Leaving out every picture, retype the lines below from the top through the one that contains "each defined once".

### INPUT
════════════════
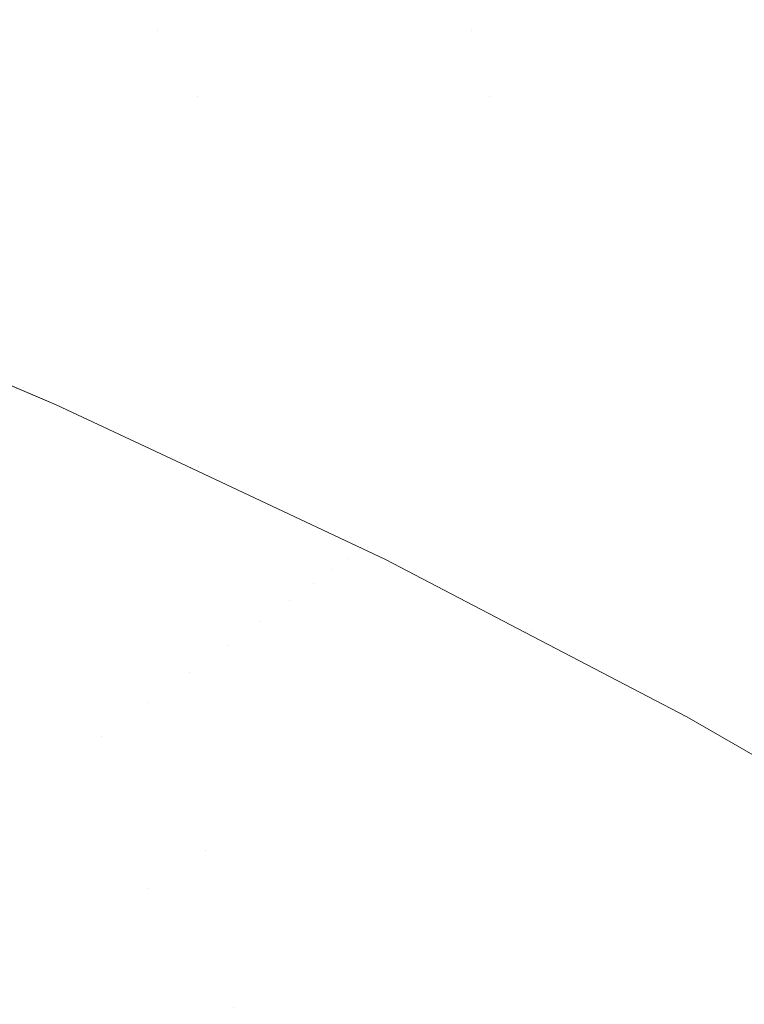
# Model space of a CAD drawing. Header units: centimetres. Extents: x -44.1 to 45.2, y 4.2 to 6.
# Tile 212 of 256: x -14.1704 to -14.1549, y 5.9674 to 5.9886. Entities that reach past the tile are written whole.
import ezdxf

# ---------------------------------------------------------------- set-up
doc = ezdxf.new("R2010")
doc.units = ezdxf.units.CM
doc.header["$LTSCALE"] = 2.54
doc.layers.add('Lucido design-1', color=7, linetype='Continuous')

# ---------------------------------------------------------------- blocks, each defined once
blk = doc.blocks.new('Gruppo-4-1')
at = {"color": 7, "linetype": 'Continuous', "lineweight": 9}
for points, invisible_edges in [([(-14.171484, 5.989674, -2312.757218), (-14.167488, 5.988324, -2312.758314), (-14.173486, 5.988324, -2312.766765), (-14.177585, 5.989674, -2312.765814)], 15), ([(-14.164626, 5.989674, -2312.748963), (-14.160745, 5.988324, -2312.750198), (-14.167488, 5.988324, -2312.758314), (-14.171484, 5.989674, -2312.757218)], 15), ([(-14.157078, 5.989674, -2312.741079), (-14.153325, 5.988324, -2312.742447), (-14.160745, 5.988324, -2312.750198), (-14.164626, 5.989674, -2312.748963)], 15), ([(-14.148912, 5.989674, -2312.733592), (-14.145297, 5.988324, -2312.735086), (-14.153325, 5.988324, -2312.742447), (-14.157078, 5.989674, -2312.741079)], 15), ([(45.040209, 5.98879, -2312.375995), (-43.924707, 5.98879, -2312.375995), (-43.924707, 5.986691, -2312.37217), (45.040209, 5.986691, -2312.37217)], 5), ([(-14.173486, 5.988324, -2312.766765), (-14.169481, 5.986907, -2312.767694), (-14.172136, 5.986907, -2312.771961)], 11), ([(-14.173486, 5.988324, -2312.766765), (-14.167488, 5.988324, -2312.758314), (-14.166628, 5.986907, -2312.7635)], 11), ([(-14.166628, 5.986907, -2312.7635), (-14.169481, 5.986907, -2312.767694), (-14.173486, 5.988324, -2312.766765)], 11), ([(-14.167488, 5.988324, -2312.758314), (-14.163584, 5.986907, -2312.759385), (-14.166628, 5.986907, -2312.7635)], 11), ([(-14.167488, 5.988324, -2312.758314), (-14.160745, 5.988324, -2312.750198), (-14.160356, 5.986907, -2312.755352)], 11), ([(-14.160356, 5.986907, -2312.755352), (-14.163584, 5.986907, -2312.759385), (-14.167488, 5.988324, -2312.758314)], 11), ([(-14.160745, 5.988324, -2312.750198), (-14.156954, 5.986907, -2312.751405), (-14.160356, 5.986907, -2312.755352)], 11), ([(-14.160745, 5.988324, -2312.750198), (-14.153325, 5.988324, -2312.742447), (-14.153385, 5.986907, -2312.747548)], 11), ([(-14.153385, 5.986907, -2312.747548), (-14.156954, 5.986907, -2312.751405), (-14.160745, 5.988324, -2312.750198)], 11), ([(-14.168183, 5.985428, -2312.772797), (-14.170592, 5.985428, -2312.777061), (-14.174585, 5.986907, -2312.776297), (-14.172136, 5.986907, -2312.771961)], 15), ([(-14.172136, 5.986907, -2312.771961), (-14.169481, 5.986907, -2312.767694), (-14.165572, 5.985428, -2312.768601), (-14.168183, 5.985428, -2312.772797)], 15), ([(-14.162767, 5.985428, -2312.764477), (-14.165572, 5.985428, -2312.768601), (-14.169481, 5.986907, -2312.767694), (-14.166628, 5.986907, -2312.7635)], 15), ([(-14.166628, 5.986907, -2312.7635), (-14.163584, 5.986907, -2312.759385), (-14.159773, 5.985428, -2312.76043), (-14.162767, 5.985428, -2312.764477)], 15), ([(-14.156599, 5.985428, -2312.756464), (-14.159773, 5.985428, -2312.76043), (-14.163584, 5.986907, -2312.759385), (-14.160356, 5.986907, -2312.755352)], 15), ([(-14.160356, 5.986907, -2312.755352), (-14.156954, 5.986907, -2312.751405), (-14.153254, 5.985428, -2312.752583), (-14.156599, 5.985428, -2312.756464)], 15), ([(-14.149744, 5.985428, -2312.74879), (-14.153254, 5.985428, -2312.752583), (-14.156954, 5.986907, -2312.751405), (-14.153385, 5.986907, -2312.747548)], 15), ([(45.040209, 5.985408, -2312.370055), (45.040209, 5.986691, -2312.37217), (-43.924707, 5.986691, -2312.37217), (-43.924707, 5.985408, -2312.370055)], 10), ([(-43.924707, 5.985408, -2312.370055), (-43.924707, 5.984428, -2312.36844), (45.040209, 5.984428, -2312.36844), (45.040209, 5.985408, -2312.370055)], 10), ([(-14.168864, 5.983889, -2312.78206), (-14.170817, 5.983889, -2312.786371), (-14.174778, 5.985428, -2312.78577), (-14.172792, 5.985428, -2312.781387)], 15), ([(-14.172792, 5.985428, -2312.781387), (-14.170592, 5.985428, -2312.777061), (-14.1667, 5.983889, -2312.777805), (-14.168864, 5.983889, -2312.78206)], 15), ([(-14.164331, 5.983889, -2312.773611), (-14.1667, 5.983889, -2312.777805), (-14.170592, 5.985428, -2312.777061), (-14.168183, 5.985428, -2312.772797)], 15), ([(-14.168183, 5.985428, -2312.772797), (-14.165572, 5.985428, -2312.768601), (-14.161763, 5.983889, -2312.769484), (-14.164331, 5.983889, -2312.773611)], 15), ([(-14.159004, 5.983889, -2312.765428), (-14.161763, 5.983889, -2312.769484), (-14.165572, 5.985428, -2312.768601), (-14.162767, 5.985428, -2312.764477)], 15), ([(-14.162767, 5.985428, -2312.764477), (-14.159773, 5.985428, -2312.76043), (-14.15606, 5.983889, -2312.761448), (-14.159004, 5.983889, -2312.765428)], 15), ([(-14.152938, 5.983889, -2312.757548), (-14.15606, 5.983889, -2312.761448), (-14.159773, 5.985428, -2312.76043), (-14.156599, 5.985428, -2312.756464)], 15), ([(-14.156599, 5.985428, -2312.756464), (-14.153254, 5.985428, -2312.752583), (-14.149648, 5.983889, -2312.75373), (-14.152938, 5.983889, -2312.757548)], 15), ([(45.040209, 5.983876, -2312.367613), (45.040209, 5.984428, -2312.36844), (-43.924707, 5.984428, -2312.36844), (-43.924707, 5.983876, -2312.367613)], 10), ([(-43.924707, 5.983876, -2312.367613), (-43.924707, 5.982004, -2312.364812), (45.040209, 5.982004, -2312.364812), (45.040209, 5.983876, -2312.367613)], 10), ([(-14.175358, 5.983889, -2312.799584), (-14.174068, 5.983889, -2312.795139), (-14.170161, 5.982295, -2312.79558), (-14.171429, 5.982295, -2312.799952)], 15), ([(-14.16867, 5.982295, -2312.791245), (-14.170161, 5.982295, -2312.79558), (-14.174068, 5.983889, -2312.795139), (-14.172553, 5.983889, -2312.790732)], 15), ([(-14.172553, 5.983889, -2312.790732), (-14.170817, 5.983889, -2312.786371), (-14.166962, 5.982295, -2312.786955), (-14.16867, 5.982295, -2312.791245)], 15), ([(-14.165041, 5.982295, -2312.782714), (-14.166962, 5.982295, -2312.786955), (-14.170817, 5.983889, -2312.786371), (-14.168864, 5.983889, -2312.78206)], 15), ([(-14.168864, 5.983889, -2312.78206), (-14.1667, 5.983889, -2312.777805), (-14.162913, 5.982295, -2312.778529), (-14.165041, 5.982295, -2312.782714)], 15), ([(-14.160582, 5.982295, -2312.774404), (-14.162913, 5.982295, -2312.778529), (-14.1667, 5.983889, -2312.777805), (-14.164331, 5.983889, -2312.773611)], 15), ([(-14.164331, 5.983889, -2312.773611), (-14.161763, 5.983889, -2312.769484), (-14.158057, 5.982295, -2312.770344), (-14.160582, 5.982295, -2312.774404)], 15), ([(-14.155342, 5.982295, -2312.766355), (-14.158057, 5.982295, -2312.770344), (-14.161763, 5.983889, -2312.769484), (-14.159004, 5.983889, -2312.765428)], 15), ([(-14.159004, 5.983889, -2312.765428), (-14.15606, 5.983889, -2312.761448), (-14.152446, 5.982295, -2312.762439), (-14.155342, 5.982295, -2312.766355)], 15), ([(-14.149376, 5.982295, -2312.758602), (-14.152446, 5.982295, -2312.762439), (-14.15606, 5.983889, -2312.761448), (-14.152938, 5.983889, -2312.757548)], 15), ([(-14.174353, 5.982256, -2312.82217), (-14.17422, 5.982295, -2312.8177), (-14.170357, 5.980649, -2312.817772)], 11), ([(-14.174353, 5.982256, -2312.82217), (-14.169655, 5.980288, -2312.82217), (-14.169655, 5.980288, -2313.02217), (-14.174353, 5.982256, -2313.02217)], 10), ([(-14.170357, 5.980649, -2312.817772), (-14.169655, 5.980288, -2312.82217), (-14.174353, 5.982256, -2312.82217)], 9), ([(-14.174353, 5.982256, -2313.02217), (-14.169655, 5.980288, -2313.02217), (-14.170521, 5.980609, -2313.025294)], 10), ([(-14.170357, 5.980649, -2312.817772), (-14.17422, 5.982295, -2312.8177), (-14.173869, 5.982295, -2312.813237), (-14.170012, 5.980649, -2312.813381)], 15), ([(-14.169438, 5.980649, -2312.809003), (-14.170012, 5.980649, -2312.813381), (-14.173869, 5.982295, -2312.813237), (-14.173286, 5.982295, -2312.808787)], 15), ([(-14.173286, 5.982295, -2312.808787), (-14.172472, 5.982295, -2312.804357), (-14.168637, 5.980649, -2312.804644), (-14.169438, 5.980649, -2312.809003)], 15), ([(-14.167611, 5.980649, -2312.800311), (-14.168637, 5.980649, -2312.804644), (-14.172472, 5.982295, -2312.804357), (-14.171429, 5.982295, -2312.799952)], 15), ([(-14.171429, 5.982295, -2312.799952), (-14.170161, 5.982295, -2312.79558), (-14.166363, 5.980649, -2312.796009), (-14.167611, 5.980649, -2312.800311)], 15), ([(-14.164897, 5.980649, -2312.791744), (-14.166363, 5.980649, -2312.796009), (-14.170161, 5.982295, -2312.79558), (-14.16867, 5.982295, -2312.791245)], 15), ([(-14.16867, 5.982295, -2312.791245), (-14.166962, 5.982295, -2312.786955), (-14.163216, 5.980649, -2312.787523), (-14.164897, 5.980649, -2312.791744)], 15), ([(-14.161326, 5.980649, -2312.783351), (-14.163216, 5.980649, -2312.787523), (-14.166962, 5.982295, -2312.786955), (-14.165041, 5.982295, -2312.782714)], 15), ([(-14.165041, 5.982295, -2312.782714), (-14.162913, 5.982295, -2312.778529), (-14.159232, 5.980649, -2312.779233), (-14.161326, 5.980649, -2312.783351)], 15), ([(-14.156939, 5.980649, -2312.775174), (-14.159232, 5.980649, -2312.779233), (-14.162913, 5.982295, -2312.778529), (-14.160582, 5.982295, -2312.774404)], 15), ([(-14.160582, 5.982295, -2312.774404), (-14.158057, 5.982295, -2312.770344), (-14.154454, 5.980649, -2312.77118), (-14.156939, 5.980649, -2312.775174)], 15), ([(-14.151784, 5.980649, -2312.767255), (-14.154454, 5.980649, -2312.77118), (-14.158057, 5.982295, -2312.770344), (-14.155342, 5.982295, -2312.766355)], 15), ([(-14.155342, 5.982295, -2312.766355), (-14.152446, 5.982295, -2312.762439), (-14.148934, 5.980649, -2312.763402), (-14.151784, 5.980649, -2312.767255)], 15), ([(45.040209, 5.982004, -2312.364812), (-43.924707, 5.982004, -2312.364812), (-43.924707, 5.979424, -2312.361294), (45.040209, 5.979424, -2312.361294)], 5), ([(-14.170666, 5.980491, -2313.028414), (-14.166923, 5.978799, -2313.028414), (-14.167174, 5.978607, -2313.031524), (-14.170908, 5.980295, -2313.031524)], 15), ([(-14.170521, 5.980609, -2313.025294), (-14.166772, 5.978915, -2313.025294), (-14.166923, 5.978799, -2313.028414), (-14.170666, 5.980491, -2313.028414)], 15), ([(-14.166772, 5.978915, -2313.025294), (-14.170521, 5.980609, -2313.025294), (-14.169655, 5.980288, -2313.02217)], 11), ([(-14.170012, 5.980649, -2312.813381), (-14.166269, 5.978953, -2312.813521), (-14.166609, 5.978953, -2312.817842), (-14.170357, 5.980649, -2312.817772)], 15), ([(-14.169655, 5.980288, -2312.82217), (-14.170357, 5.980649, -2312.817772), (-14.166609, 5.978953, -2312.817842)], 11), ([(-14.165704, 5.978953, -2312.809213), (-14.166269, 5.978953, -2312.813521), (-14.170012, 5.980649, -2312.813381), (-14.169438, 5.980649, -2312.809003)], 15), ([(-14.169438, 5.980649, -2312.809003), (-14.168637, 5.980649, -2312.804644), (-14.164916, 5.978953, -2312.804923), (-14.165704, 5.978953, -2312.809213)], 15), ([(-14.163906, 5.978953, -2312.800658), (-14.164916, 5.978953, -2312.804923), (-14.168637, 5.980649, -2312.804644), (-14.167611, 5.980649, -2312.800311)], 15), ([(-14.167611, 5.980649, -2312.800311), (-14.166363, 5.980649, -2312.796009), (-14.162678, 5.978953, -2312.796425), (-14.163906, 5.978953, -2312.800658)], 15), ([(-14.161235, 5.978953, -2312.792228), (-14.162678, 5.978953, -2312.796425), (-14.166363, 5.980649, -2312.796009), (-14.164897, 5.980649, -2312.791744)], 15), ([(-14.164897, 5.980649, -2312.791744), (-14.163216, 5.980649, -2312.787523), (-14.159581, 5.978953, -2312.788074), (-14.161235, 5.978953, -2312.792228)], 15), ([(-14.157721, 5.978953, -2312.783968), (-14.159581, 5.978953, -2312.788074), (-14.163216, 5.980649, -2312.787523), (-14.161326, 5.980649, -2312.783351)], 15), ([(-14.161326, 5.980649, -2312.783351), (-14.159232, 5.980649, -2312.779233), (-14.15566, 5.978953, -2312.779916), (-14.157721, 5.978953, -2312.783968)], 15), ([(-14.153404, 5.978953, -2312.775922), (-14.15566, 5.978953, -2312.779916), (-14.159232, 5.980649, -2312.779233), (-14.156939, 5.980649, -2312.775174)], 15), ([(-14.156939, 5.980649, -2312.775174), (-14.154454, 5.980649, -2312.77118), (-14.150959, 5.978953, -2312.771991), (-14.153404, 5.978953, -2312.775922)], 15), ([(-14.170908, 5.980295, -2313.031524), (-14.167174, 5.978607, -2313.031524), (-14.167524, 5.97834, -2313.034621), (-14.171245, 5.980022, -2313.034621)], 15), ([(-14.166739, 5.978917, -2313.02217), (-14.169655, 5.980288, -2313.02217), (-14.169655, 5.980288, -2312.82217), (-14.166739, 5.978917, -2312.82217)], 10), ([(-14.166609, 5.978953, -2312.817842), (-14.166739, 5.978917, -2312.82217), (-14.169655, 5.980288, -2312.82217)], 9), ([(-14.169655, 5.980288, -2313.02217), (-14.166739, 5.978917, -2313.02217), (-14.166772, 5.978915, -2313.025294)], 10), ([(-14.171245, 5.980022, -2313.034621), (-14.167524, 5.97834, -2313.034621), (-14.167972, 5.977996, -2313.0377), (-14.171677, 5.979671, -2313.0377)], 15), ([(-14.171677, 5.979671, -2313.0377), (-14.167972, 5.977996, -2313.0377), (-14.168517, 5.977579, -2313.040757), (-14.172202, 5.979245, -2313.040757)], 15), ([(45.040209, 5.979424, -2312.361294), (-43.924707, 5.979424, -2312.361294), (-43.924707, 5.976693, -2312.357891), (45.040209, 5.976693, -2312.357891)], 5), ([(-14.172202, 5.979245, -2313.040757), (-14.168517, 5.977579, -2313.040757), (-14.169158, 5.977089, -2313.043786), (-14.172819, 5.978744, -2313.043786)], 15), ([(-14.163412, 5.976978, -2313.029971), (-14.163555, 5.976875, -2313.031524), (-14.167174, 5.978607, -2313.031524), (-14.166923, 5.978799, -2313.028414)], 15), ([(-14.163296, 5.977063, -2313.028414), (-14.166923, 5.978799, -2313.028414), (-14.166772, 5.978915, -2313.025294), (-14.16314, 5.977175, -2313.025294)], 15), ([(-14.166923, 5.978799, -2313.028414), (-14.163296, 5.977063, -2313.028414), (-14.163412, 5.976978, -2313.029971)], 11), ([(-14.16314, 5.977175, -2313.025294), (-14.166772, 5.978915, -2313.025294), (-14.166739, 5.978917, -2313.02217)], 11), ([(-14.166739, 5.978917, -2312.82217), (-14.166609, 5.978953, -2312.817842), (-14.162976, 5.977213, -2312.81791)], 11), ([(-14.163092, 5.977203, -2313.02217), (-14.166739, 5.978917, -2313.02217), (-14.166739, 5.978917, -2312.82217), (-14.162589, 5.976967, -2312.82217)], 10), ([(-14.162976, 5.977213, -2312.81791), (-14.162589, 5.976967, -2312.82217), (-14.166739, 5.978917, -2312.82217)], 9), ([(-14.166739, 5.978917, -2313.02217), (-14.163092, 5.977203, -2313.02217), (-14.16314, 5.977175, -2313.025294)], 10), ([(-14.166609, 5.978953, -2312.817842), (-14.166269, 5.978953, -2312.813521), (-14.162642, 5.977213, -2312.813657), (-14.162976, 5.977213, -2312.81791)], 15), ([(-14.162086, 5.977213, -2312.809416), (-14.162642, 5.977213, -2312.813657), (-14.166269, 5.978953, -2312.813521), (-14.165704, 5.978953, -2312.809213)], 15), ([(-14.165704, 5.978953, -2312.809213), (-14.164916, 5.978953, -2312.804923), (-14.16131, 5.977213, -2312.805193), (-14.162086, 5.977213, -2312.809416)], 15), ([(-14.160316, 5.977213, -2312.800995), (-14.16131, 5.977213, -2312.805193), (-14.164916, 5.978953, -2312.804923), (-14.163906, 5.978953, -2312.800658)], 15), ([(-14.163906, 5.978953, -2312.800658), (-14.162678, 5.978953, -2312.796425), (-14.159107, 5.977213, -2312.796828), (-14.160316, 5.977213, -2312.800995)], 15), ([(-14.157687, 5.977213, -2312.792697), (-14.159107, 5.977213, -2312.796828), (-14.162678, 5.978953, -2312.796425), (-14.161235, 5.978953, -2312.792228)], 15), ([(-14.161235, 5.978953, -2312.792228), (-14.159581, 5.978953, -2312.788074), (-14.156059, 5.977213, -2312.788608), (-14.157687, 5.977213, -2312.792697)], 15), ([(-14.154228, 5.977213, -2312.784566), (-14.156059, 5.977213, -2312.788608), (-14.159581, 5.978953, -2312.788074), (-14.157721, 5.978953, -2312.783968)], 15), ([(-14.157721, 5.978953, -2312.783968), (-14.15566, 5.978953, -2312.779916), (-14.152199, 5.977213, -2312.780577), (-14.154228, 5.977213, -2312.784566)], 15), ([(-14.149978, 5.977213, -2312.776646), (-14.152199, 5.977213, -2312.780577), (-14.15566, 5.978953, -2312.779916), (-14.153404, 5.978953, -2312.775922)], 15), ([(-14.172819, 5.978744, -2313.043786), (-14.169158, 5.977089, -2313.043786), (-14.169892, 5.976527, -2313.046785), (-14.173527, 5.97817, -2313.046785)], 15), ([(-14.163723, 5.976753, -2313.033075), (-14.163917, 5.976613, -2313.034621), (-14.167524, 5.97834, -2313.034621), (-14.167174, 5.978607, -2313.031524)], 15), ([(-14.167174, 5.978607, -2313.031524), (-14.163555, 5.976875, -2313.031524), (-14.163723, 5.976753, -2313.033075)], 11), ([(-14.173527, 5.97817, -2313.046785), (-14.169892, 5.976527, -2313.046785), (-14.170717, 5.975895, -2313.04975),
════════════════
### RESPONSE
# Model space of a CAD drawing. Header units: centimetres. Extents: x -44.1 to 45.2, y 4.2 to 6.
# Tile 212 of 256: x -14.1704 to -14.1549, y 5.9674 to 5.9886. Entities that reach past the tile are written whole.
import ezdxf

# ---------------------------------------------------------------- set-up
doc = ezdxf.new("R2010")
doc.units = ezdxf.units.CM
doc.header["$LTSCALE"] = 2.54
doc.layers.add('Lucido design-1', color=7, linetype='Continuous')

# ---------------------------------------------------------------- blocks, each defined once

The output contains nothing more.